I'm not sure if people really, truly understand how much fun it is to be Jewish on Christmas day. It's the one day we all get to take a break from running the banks and the media, and just roam around cities like urban C.H.U.D.s. It's completely public and brash and noisy and wonderful. This tribe may be lost, but they absolutely know how to find their way to the movies.

I prefer to travel in packs under these circumstances - often creating a human chain to block out the rabid, missionary Lubavitch Jews who stalk you with herring on their breath and tfillen hidden in their beards.
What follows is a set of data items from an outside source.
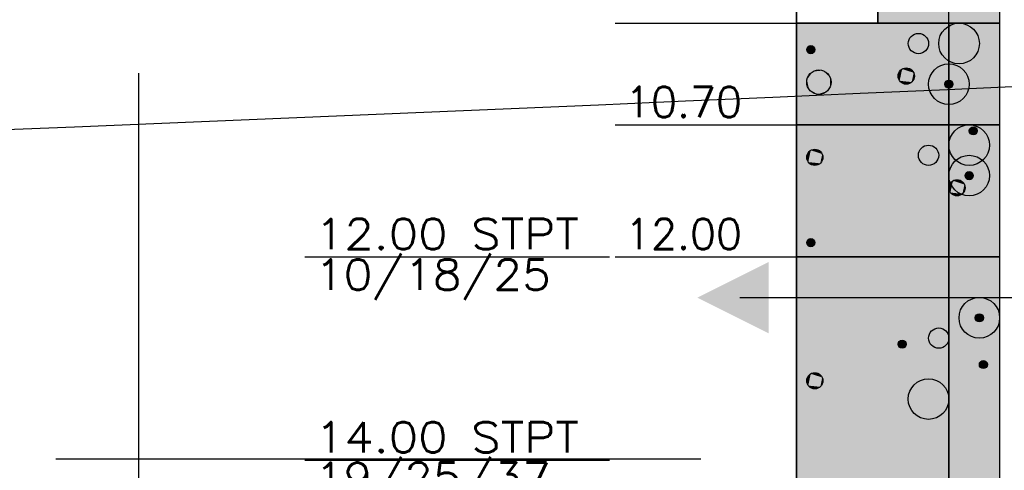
# Model space of a CAD drawing. Header units: metres. Extents: x 3458045 to 3462392, y 5482308 to 5484762.
# Tile 293 of 458: x 3460209.39 to 3460219.08, y 5483994.68 to 5483999.11. Entities that reach past the tile are written whole.
import ezdxf
from ezdxf.enums import TextEntityAlignment as Align

# ---------------------------------------------------------------- set-up
doc = ezdxf.new("R2010")
doc.units = ezdxf.units.M
doc.linetypes.add('AUSGEZOGEN', pattern=[2, 1, 1])
doc.linetypes.add('VERDECKT', pattern=[9.525, 6.35, -3.175])
doc.layers.get('0').update_dxf_attribs({"linetype": 'CONTINUOUS'})
for name, color, linetype in [('BAUER_BK 2014', 1, 'CONTINUOUS'), ('SP_BAUGRUBE-TEXT', 210, 'AUSGEZOGEN'), ('SP_BAUGRUBE-UWB-Sohle', 1, 'AUSGEZOGEN'), ('SP_Tunnelsohle_Sauberkeitsschicht', 1, 'CONTINUOUS')]:
    doc.layers.add(name, color=color, linetype=linetype)
doc.layers.add('SP_Höhenplan-Beschriftung-Linien', color=2, linetype='CONTINUOUS', lineweight=25)
doc.styles.add('ROMANS', font='ROMANS')

# ---------------------------------------------------------------- blocks, each defined once
blk = doc.blocks.new('SOFI-PFV')
at = {"color": 0, "linetype": 'Continuous'}
blk.add_solid([(-0.0625, 0.125), (0.0625, 0.125), (0, 0)], dxfattribs=at)

msp = doc.modelspace()

# ---------------------------------------------------------------- linework, layer by layer
at = {"layer": 'BAUER_BK 2014', "color": 7, "linetype": 'Continuous'}
for points in [[(3460217.0361, 5484008.7771), (3460217.0361, 5483978.7771)], [(3460219.0361, 5484008.7771), (3460219.0361, 5483978.7771)], [(3460217.0361, 5483999.0771), (3460217.0361, 5484000.9771), (3460217.8361, 5484000.9771), (3460217.8361, 5483999.0771), (3460217.0361, 5483999.0771)], [(3460217.8361, 5483999.0771), (3460217.8361, 5484000.9771), (3460219.0361, 5484000.9771), (3460219.0361, 5483999.0771), (3460217.8361, 5483999.0771)], [(3460215.2513, 5483999.0771), (3460216.0361, 5483999.0771), (3460216.6361, 5483999.0771), (3460217.0361, 5483999.0771)], [(3460217.0361, 5483998.0771), (3460217.0361, 5483999.0771), (3460219.0361, 5483999.0771), (3460219.0361, 5483998.0771), (3460217.0361, 5483998.0771)], [(3460219.0361, 5483999.0771), (3460217.0361, 5483999.0771)], [(3460215.2513, 5483998.0771), (3460216.0361, 5483998.0771), (3460216.6361, 5483998.0771), (3460217.0361, 5483998.0771)], [(3460217.0361, 5483996.7771), (3460217.0361, 5483998.0771), (3460219.0361, 5483998.0771), (3460219.0361, 5483996.7771), (3460217.0361, 5483996.7771)], [(3460219.0361, 5483998.0771), (3460217.0361, 5483998.0771)], [(3460212.1933, 5483996.7771), (3460215.1933, 5483996.7771)], [(3460215.2513, 5483996.7771), (3460216.0361, 5483996.7771), (3460216.6361, 5483996.7771), (3460217.0361, 5483996.7771)], [(3460217.0361, 5483993.0771), (3460217.0361, 5483996.7771), (3460219.0361, 5483996.7771), (3460219.0361, 5483993.0771), (3460217.0361, 5483993.0771)], [(3460219.0361, 5483996.7771), (3460217.0361, 5483996.7771)], [(3460212.1933, 5483994.7771), (3460215.1933, 5483994.7771)]]:
    msp.add_lwpolyline(points, dxfattribs=at)
at = {"layer": 'BAUER_BK 2014', "color": 30, "linetype": 'Continuous'}
for points in [[(3460217.8361, 5483999.0771), (3460217.8361, 5484000.9771), (3460219.0361, 5484000.9771), (3460219.0361, 5483999.0771), (3460217.8361, 5483999.0771)], [(3460217.0361, 5483998.0771), (3460217.0361, 5483999.0771), (3460218.5361, 5483999.0771), (3460218.5361, 5483998.0771), (3460217.0361, 5483998.0771)], [(3460217.0361, 5483996.7771), (3460217.0361, 5483998.0771), (3460218.5361, 5483998.0771), (3460218.5361, 5483996.7771), (3460217.0361, 5483996.7771)], [(3460217.0361, 5483993.0771), (3460217.0361, 5483996.7771), (3460218.5361, 5483996.7771), (3460218.5361, 5483993.0771), (3460217.0361, 5483993.0771)]]:
    msp.add_lwpolyline(points, dxfattribs=at)
at = {"layer": 'BAUER_BK 2014', "color": 62, "linetype": 'Continuous'}
msp.add_lwpolyline([(3460218.5361, 5483999.0771), (3460218.5361, 5484000.9771), (3460219.0361, 5484000.9771), (3460219.0361, 5483999.0771), (3460218.5361, 5483999.0771)], dxfattribs=at)
at = {"layer": 'BAUER_BK 2014', "color": 50, "linetype": 'Continuous'}
for points in [[(3460218.5361, 5483998.0771), (3460218.5361, 5483999.0771), (3460219.0361, 5483999.0771), (3460219.0361, 5483998.0771), (3460218.5361, 5483998.0771)], [(3460218.5361, 5483996.7771), (3460218.5361, 5483998.0771), (3460219.0361, 5483998.0771), (3460219.0361, 5483996.7771), (3460218.5361, 5483996.7771)], [(3460218.5361, 5483993.0771), (3460218.5361, 5483996.7771), (3460219.0361, 5483996.7771), (3460219.0361, 5483993.0771), (3460218.5361, 5483993.0771)]]:
    msp.add_lwpolyline(points, dxfattribs=at)
at = {"layer": 'BAUER_BK 2014', "color": 7, "linetype": 'Continuous'}
for centre, radius in [((3460218.6361, 5483998.8771), 0.2), ((3460218.2361, 5483998.8771), 0.1), ((3460217.1761, 5483998.8171), 0.04), ((3460217.2561, 5483998.4971), 0.12), ((3460218.1161, 5483998.5571), 0.08), ((3460218.5361, 5483998.4771), 0.2), ((3460218.5361, 5483998.4771), 0.04), ((3460218.7361, 5483997.8771), 0.2), ((3460218.7761, 5483998.0171), 0.04), ((3460218.3361, 5483997.7771), 0.1), ((3460217.2161, 5483997.7571), 0.08), ((3460218.7361, 5483997.5771), 0.2), ((3460218.7361, 5483997.5771), 0.04), ((3460218.6161, 5483997.4571), 0.08), ((3460217.1761, 5483996.9171), 0.04), ((3460218.8361, 5483996.1771), 0.2), ((3460218.8361, 5483996.1771), 0.04), ((3460218.4361, 5483995.9771), 0.1), ((3460218.0761, 5483995.9171), 0.04), ((3460218.8761, 5483995.7171), 0.04), ((3460217.2161, 5483995.5571), 0.08), ((3460218.3361, 5483995.3771), 0.2)]:
    msp.add_circle(centre, radius, dxfattribs=at)
at = {"layer": 'BAUER_BK 2014', "color": 30, "linetype": 'Continuous'}
for points in [[(3460217.8361, 5483999.0771), (3460217.8361, 5484000.9771), (3460219.0361, 5483999.0771), (3460219.0361, 5484000.9771)], [(3460217.0361, 5483998.0771), (3460217.0361, 5483999.0771), (3460218.5361, 5483998.0771), (3460218.5361, 5483999.0771)], [(3460217.0361, 5483996.7771), (3460217.0361, 5483998.0771), (3460218.5361, 5483996.7771), (3460218.5361, 5483998.0771)], [(3460217.0361, 5483993.0771), (3460217.0361, 5483996.7771), (3460218.5361, 5483993.0771), (3460218.5361, 5483996.7771)]]:
    msp.add_solid(points, dxfattribs=at)
at = {"layer": 'BAUER_BK 2014', "color": 62, "linetype": 'Continuous'}
msp.add_solid([(3460218.5361, 5483999.0771), (3460218.5361, 5484000.9771), (3460219.0361, 5483999.0771), (3460219.0361, 5484000.9771)], dxfattribs=at)
at = {"layer": 'BAUER_BK 2014', "color": 50, "linetype": 'Continuous'}
for points in [[(3460218.5361, 5483998.0771), (3460218.5361, 5483999.0771), (3460219.0361, 5483998.0771), (3460219.0361, 5483999.0771)], [(3460218.5361, 5483996.7771), (3460218.5361, 5483998.0771), (3460219.0361, 5483996.7771), (3460219.0361, 5483998.0771)], [(3460218.5361, 5483993.0771), (3460218.5361, 5483996.7771), (3460219.0361, 5483993.0771), (3460219.0361, 5483996.7771)]]:
    msp.add_solid(points, dxfattribs=at)
at = {"layer": 'BAUER_BK 2014', "color": 7, "linetype": 'Continuous'}
for points in [[(3460217.1371, 5483998.8255), (3460217.1361, 5483998.8171), (3460217.1371, 5483998.8087)], [(3460217.1561, 5483998.8517), (3460217.1439, 5483998.8407), (3460217.1371, 5483998.8255)], [(3460217.1561, 5483998.8517), (3460217.1371, 5483998.8255), (3460217.1439, 5483998.7935)], [(3460217.1439, 5483998.8407), (3460217.1397, 5483998.8333), (3460217.1371, 5483998.8255)], [(3460217.1371, 5483998.8255), (3460217.1371, 5483998.8087), (3460217.1439, 5483998.7935)], [(3460217.1561, 5483998.8517), (3460217.1495, 5483998.8469), (3460217.1439, 5483998.8407)], [(3460217.1561, 5483998.8517), (3460217.1439, 5483998.7935), (3460217.2029, 5483998.7873)], [(3460217.1721, 5483998.8569), (3460217.1639, 5483998.8551), (3460217.1561, 5483998.8517)], [(3460217.1885, 5483998.8551), (3460217.1721, 5483998.8569), (3460217.1561, 5483998.8517)], [(3460217.2127, 5483998.8333), (3460217.1885, 5483998.8551), (3460217.1561, 5483998.8517)], [(3460217.2029, 5483998.7873), (3460217.2127, 5483998.8333), (3460217.1561, 5483998.8517)], [(3460217.1885, 5483998.8551), (3460217.1803, 5483998.8569), (3460217.1721, 5483998.8569)], [(3460217.2029, 5483998.8469), (3460217.1961, 5483998.8517), (3460217.1885, 5483998.8551)], [(3460217.2127, 5483998.8333), (3460217.2029, 5483998.8469), (3460217.1885, 5483998.8551)], [(3460217.2127, 5483998.8333), (3460217.2085, 5483998.8407), (3460217.2029, 5483998.8469)], [(3460217.2029, 5483998.7873), (3460217.2127, 5483998.8009), (3460217.2127, 5483998.8333)], [(3460217.2161, 5483998.8171), (3460217.2153, 5483998.8255), (3460217.2127, 5483998.8333)], [(3460217.2127, 5483998.8009), (3460217.2161, 5483998.8171), (3460217.2127, 5483998.8333)], [(3460217.1371, 5483998.8087), (3460217.1397, 5483998.8009), (3460217.1439, 5483998.7935)], [(3460217.1439, 5483998.7935), (3460217.1495, 5483998.7873), (3460217.1561, 5483998.7825)], [(3460217.1439, 5483998.7935), (3460217.1561, 5483998.7825), (3460217.1721, 5483998.7773)], [(3460217.1439, 5483998.7935), (3460217.1721, 5483998.7773), (3460217.2029, 5483998.7873)], [(3460217.1561, 5483998.7825), (3460217.1639, 5483998.7791), (3460217.1721, 5483998.7773)], [(3460217.1721, 5483998.7773), (3460217.1885, 5483998.7791), (3460217.2029, 5483998.7873)], [(3460217.1721, 5483998.7773), (3460217.1803, 5483998.7773), (3460217.1885, 5483998.7791)], [(3460217.1885, 5483998.7791), (3460217.1961, 5483998.7825), (3460217.2029, 5483998.7873)], [(3460217.2029, 5483998.7873), (3460217.2085, 5483998.7935), (3460217.2127, 5483998.8009)], [(3460217.2437, 5483998.6165), (3460217.2191, 5483998.6113), (3460217.1961, 5483998.6011)], [(3460217.2933, 5483998.6113), (3460217.2437, 5483998.6165), (3460217.1961, 5483998.6011)], [(3460217.2933, 5483998.6113), (3460217.2687, 5483998.6165), (3460217.2437, 5483998.6165)], [(3460218.0761, 5483998.6263), (3460218.0515, 5483998.6041), (3460218.0379, 5483998.5737)], [(3460218.0761, 5483998.6263), (3460218.0379, 5483998.5737), (3460218.0515, 5483998.5101)], [(3460218.0761, 5483998.6263), (3460218.0627, 5483998.6165), (3460218.0515, 5483998.6041)], [(3460218.0761, 5483998.6263), (3460218.0515, 5483998.5101), (3460218.1697, 5483998.4977)], [(3460218.1079, 5483998.6367), (3460218.0915, 5483998.6331), (3460218.0761, 5483998.6263)], [(3460218.1409, 5483998.6331), (3460218.1079, 5483998.6367), (3460218.0761, 5483998.6263)], [(3460218.1893, 5483998.5897), (3460218.1409, 5483998.6331), (3460218.0761, 5483998.6263)], [(3460218.1697, 5483998.4977), (3460218.1893, 5483998.5897), (3460218.0761, 5483998.6263)], [(3460218.1409, 5483998.6331), (3460218.1245, 5483998.6367), (3460218.1079, 5483998.6367)], [(3460218.1697, 5483998.6165), (3460218.1561, 5483998.6263), (3460218.1409, 5483998.6331)], [(3460218.1893, 5483998.5897), (3460218.1697, 5483998.6165), (3460218.1409, 5483998.6331)], [(3460218.1893, 5483998.5897), (3460218.1809, 5483998.6041), (3460218.1697, 5483998.6165)], [(3460217.1389, 5483998.5221), (3460217.1361, 5483998.4971), (3460217.1389, 5483998.4721)], [(3460217.1961, 5483998.6011), (3460217.1591, 5483998.5677), (3460217.1389, 5483998.5221)], [(3460217.1961, 5483998.6011), (3460217.1389, 5483998.5221), (3460217.1591, 5483998.4265)], [(3460217.1591, 5483998.5677), (3460217.1465, 5483998.5459), (3460217.1389, 5483998.5221)], [(3460217.1389, 5483998.5221), (3460217.1389, 5483998.4721), (3460217.1591, 5483998.4265)], [(3460217.1961, 5483998.6011), (3460217.1759, 5483998.5863), (3460217.1591, 5483998.5677)], [(3460217.1961, 5483998.6011), (3460217.1591, 5483998.4265), (3460217.3365, 5483998.4079)], [(3460217.3659, 5483998.5459), (3460217.2933, 5483998.6113), (3460217.1961, 5483998.6011)], [(3460217.3365, 5483998.4079), (3460217.3659, 5483998.5459), (3460217.1961, 5483998.6011)], [(3460217.3365, 5483998.5863), (3460217.3161, 5483998.6011), (3460217.2933, 5483998.6113)], [(3460217.3659, 5483998.5459), (3460217.3365, 5483998.5863), (3460217.2933, 5483998.6113)], [(3460217.3659, 5483998.5459), (3460217.3533, 5483998.5677), (3460217.3365, 5483998.5863)], [(3460217.3365, 5483998.4079), (3460217.3659, 5483998.4483), (3460217.3659, 5483998.5459)], [(3460217.3761, 5483998.4971), (3460217.3735, 5483998.5221), (3460217.3659, 5483998.5459)], [(3460217.3659, 5483998.4483), (3460217.3761, 5483998.4971), (3460217.3659, 5483998.5459)], [(3460218.0379, 5483998.5737), (3460218.0361, 5483998.5571), (3460218.0379, 5483998.5405)], [(3460218.0515, 5483998.6041), (3460218.0431, 5483998.5897), (3460218.0379, 5483998.5737)], [(3460218.0379, 5483998.5737), (3460218.0379, 5483998.5405), (3460218.0515, 5483998.5101)], [(3460218.0379, 5483998.5405), (3460218.0431, 5483998.5245), (3460218.0515, 5483998.5101)], [(3460218.1697, 5483998.4977), (3460218.1893, 5483998.5245), (3460218.1893, 5483998.5897)], [(3460218.1697, 5483998.4977), (3460218.1809, 5483998.5101), (3460218.1893, 5483998.5245)], [(3460218.1961, 5483998.5571), (3460218.1945, 5483998.5737), (3460218.1893, 5483998.5897)], [(3460218.1893, 5483998.5245), (3460218.1961, 5483998.5571), (3460218.1893, 5483998.5897)], [(3460217.1389, 5483998.4721), (3460217.1465, 5483998.4483), (3460217.1591, 5483998.4265)], [(3460217.1591, 5483998.4265), (3460217.1759, 5483998.4079), (3460217.1961, 5483998.3931)], [(3460217.1591, 5483998.4265), (3460217.1961, 5483998.3931), (3460217.2437, 5483998.3777)], [(3460217.1591, 5483998.4265), (3460217.2437, 5483998.3777), (3460217.3365, 5483998.4079)], [(3460217.3365, 5483998.4079), (3460217.3533, 5483998.4265), (3460217.3659, 5483998.4483)], [(3460218.0515, 5483998.5101), (3460218.0627, 5483998.4977), (3460218.0761, 5483998.4879)], [(3460218.0515, 5483998.5101), (3460218.0761, 5483998.4879), (3460218.1079, 5483998.4775)], [(3460218.0515, 5483998.5101), (3460218.1079, 5483998.4775), (3460218.1697, 5483998.4977)], [(3460218.0761, 5483998.4879), (3460218.0915, 5483998.4811), (3460218.1079, 5483998.4775)], [(3460218.1079, 5483998.4775), (3460218.1409, 5483998.4811), (3460218.1697, 5483998.4977)], [(3460218.1079, 5483998.4775), (3460218.1245, 5483998.4775), (3460218.1409, 5483998.4811)], [(3460218.1409, 5483998.4811), (3460218.1561, 5483998.4879), (3460218.1697, 5483998.4977)], [(3460218.4971, 5483998.4855), (3460218.4961, 5483998.4771), (3460218.4971, 5483998.4687)], [(3460218.5161, 5483998.5117), (3460218.5039, 5483998.5007), (3460218.4971, 5483998.4855)], [(3460218.5161, 5483998.5117), (3460218.4971, 5483998.4855), (3460218.5039, 5483998.4535)], [(3460218.5039, 5483998.5007), (3460218.4997, 5483998.4933), (3460218.4971, 5483998.4855)], [(3460218.4971, 5483998.4855), (3460218.4971, 5483998.4687), (3460218.5039, 5483998.4535)], [(3460218.4971, 5483998.4687), (3460218.4997, 5483998.4609), (3460218.5039, 5483998.4535)], [(3460218.5161, 5483998.5117), (3460218.5095, 5483998.5069), (3460218.5039, 5483998.5007)], [(3460218.5161, 5483998.5117), (3460218.5039, 5483998.4535), (3460218.5629, 5483998.4473)], [(3460218.5039, 5483998.4535), (3460218.5095, 5483998.4473), (3460218.5161, 5483998.4425)], [(3460218.5039, 5483998.4535), (3460218.5161, 5483998.4425), (3460218.5321, 5483998.4373)], [(3460218.5039, 5483998.4535), (3460218.5321, 5483998.4373), (3460218.5629, 5483998.4473)], [(3460218.5321, 5483998.5169), (3460218.5239, 5483998.5151), (3460218.5161, 5483998.5117)], [(3460218.5485, 5483998.5151), (3460218.5321, 5483998.5169), (3460218.5161, 5483998.5117)], [(3460218.5727, 5483998.4933), (3460218.5485, 5483998.5151), (3460218.5161, 5483998.5117)], [(3460218.5629, 5483998.4473), (3460218.5727, 5483998.4933), (3460218.5161, 5483998.5117)], [(3460218.5161, 5483998.4425), (3460218.5239, 5483998.4391), (3460218.5321, 5483998.4373)], [(3460218.5485, 5483998.5151), (3460218.5403, 5483998.5169), (3460218.5321, 5483998.5169)], [(3460218.5321, 5483998.4373), (3460218.5485, 5483998.4391), (3460218.5629, 5483998.4473)], [(3460218.5321, 5483998.4373), (3460218.5403, 5483998.4373), (3460218.5485, 5483998.4391)], [(3460218.5629, 5483998.5069), (3460218.5561, 5483998.5117), (3460218.5485, 5483998.5151)], [(3460218.5727, 5483998.4933), (3460218.5629, 5483998.5069), (3460218.5485, 5483998.5151)], [(3460218.5485, 5483998.4391), (3460218.5561, 5483998.4425), (3460218.5629, 5483998.4473)], [(3460218.5727, 5483998.4933), (3460218.5685, 5483998.5007), (3460218.5629, 5483998.5069)], [(3460218.5629, 5483998.4473), (3460218.5727, 5483998.4609), (3460218.5727, 5483998.4933)], [(3460218.5629, 5483998.4473), (3460218.5685, 5483998.4535), (3460218.5727, 5483998.4609)], [(3460218.5761, 5483998.4771), (3460218.5753, 5483998.4855), (3460218.5727, 5483998.4933)], [(3460218.5727, 5483998.4609), (3460218.5761, 5483998.4771), (3460218.5727, 5483998.4933)], [(3460217.1961, 5483998.3931), (3460217.2191, 5483998.3829), (3460217.2437, 5483998.3777)], [(3460217.2437, 5483998.3777), (3460217.2933, 5483998.3829), (3460217.3365, 5483998.4079)], [(3460217.2437, 5483998.3777), (3460217.2687, 5483998.3777), (3460217.2933, 5483998.3829)], [(3460217.2933, 5483998.3829), (3460217.3161, 5483998.3931), (3460217.3365, 5483998.4079)], [(3460218.7561, 5483998.0517), (3460218.7439, 5483998.0407), (3460218.7371, 5483998.0255)], [(3460218.7561, 5483998.0517), (3460218.7371, 5483998.0255), (3460218.7439, 5483997.9935)], [(3460218.7439, 5483998.0407), (3460218.7397, 5483998.0333), (3460218.7371, 5483998.0255)], [(3460218.7561, 5483998.0517), (3460218.7495, 5483998.0469), (3460218.7439, 5483998.0407)], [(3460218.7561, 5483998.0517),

For this, my first Jewish Christmas in New York - my first Christmas in recent memory without a girlfriend who could part my hair conservatively, throw a red v-neck sweater over my head and sneak me into her Protestant or Catholic home - I traveled with my optometrist and his 67 year-old mother, Marilyn. Together, we were the paragon of our Jewish ethnic culture. The two of them argued incessantly, while I remained on Tickets and Junior Mints duty. Our plan: pay for the first feature, sneak into the second, and then eat corned beef sandwiches. (Did a 67 year-old woman who wasn't even tall enough to ride the Cyclone at Coney Island have a problem with some of the morally ambiguous behavior associated with this plan? When we suggested the half-price double-feature on the car ride over, her response: "Sure, what do I care?")

The first movie went off without a hitch, except for a brief altercation involving Marilyn's cell phone. (She wanted to call her other son - the good one, the one who wasn't a "degenerate gambler" - and the previews were starting and she had to call him to say hello.) There were some high decibel comments from our row (and, more specifically, Marilyn's seat), regarding logical or sentimental implausibilities in the film and, immediately following the final fade-out, an announcement loud enough for the entire half-filled theater to hear: "OK, but not really for me." But all of my energy was focussed on the excitement and guilt associated with sneaking into our second feature.

Unlike our first screening, this one was almost at full capacity. It presented a new dilemma for me: what right do I have being here? what if I unintentionally leave a legitimate ticket-buyer without a seat? As I trembled through this addition to my own personal "Book of Questions", Marilyn scooted by me and grabbed a lone, free seat toward the back of the theater, where she began chatting up her neighbor almost immediately. She created a force majeure, so I surrendered and made it my first priority to find a free seat and puzzle out my latest moral crisis from there.

The theater continued to fill, and some families were forced to separate. As I looked around me I noticed something incredible: I couldn't find one non-Jewish face in the crowd. Young and old, anemic-looking Orthodox Jews sharing arm rests with St. Thomas-bronzed Upper West Siders. It was like the new Coen brothers film had become a cultural salon for Jewish minds. Jewish minds who were fighting over seats and snacking on granola and sodas they'd sneaked in from the bodega across the street. It was pretty wonderful. And boisterous.

But within seconds of enjoying this powerful moment of solidarity, my panic swelled even greater than before. People were starting to really have a hard time finding seats. Had they over-sold this auditorium? Were there others who shared our idea of sneaking in? Were we going to cause trouble for the rest? Would security begin inspecting ticket stubs? Would they discover that my papers were not in order?

I started conjuring up non-Jewish variations of my last name -- Levigne, Leon, Lentini, O'Malley, Goebels -- in case I was taken in for questioning. I didn't want to be marched out of the theater, a charlatan and sycophant. Imagine how embarrassing it would be for a grown man to be caught sneaking into the movies on Christmas day. (I know what you're thinking: imagine how embarrassing it would be for a 67 year-old woman. But I've given this consideration and decided she had a viable out. She could always blame senile dementia. I find that, in larger cities, people generally detest the elderly, but they still respect them through clenched teeth.)

We we never caught. We weren't taken off to see movies about prison camps. In fact, it was a great Christmas day. We even followed up the movie with a trip to a kosher delicatessan in Queens, where Marilyn was on a first-name basis with the waiter. Pickles on every table. The smell of brine and fried membrane thick in the air. If the teachings of my religion provided us with a Christian notion of heaven I was there, drinking cherry colas and getting hen-pecked by my optometrist's mother. (Who, realizing at some point in the evening that she was not going to get her way, screamed out to no one in particular: "I'm the mother, and what I say goes!")

So stop feeling sorry for your Jewish friends on Christmas: for us, it's like getting the keys to Disney World after-hours. Well, maybe it's not that exciting - but it sure beats money-lending.